[[ Dataset, beginning ]]

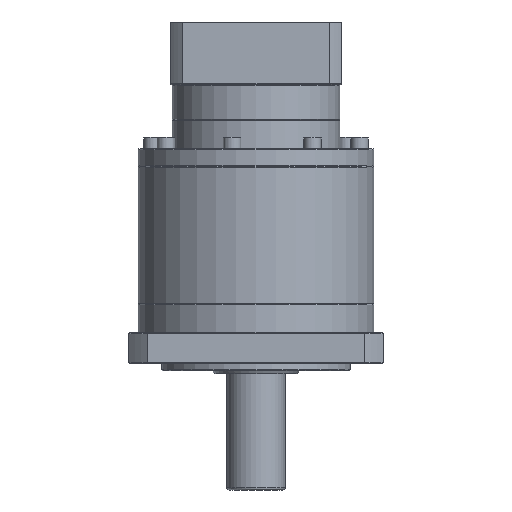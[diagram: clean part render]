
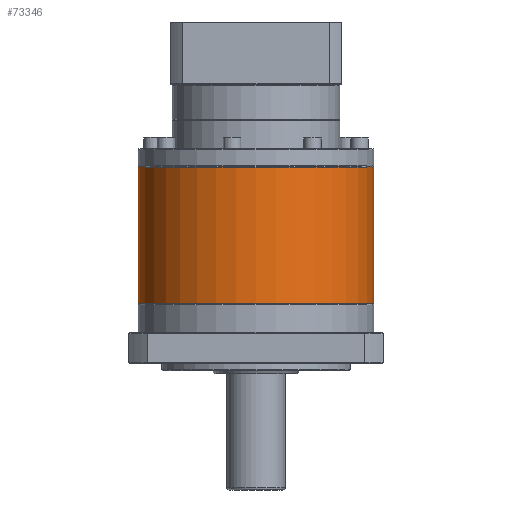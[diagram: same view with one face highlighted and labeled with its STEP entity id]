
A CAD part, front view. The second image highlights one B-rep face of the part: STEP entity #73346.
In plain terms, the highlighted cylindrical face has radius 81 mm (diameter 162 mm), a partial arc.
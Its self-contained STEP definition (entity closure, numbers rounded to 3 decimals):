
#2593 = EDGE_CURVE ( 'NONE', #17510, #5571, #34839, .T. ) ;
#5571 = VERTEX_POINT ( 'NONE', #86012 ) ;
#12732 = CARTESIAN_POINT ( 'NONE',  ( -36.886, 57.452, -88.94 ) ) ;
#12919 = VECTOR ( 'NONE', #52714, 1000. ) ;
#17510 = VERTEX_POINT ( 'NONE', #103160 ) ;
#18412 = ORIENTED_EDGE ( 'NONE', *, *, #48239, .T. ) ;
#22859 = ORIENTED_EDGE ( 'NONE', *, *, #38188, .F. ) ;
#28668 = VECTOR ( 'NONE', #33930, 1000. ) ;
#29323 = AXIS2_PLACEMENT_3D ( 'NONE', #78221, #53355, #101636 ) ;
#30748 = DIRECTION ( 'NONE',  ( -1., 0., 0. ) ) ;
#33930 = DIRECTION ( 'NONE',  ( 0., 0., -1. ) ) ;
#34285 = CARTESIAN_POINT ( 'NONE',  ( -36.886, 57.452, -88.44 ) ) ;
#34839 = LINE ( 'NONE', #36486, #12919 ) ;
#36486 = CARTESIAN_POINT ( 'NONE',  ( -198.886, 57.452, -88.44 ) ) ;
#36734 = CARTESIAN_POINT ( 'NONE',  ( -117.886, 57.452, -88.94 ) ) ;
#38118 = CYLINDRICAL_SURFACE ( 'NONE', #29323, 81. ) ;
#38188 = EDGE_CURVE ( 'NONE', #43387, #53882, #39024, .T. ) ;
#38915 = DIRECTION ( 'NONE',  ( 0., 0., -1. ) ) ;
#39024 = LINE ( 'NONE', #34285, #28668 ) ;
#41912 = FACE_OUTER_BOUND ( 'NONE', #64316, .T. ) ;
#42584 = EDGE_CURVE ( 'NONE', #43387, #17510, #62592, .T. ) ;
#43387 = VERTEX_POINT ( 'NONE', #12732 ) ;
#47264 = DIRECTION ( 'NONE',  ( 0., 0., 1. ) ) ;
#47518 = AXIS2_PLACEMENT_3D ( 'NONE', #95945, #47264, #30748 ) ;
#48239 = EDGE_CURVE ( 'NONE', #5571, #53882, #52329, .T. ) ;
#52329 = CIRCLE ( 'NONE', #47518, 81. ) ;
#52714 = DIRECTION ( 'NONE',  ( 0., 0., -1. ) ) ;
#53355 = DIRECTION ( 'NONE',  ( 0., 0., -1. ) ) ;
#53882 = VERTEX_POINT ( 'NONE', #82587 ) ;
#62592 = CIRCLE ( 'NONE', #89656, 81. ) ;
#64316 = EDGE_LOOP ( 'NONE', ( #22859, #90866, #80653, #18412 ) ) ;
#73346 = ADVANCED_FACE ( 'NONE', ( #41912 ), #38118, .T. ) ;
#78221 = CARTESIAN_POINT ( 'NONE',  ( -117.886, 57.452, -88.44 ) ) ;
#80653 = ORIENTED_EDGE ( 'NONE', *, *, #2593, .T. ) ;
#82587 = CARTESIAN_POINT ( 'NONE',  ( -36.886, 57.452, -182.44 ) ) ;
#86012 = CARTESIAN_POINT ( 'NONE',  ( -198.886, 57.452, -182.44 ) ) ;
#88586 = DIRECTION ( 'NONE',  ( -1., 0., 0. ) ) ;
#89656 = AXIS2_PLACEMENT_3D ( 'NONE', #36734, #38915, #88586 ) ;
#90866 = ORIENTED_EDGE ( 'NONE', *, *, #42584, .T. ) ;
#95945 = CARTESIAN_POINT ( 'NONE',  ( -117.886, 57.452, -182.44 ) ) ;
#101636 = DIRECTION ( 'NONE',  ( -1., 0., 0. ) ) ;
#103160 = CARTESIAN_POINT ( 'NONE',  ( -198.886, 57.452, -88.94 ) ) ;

[[ Dataset, end ]]

Looking at the data above, return every line from the one with "Its self-contained STEP" down to the one with "#18412 = ORIENTED_EDGE", exactly and inclusively.

Its self-contained STEP definition (entity closure, numbers rounded to 3 decimals):
#2593 = EDGE_CURVE ( 'NONE', #17510, #5571, #34839, .T. ) ;
#5571 = VERTEX_POINT ( 'NONE', #86012 ) ;
#12732 = CARTESIAN_POINT ( 'NONE',  ( -36.886, 57.452, -88.94 ) ) ;
#12919 = VECTOR ( 'NONE', #52714, 1000. ) ;
#17510 = VERTEX_POINT ( 'NONE', #103160 ) ;
#18412 = ORIENTED_EDGE ( 'NONE', *, *, #48239, .T. ) ;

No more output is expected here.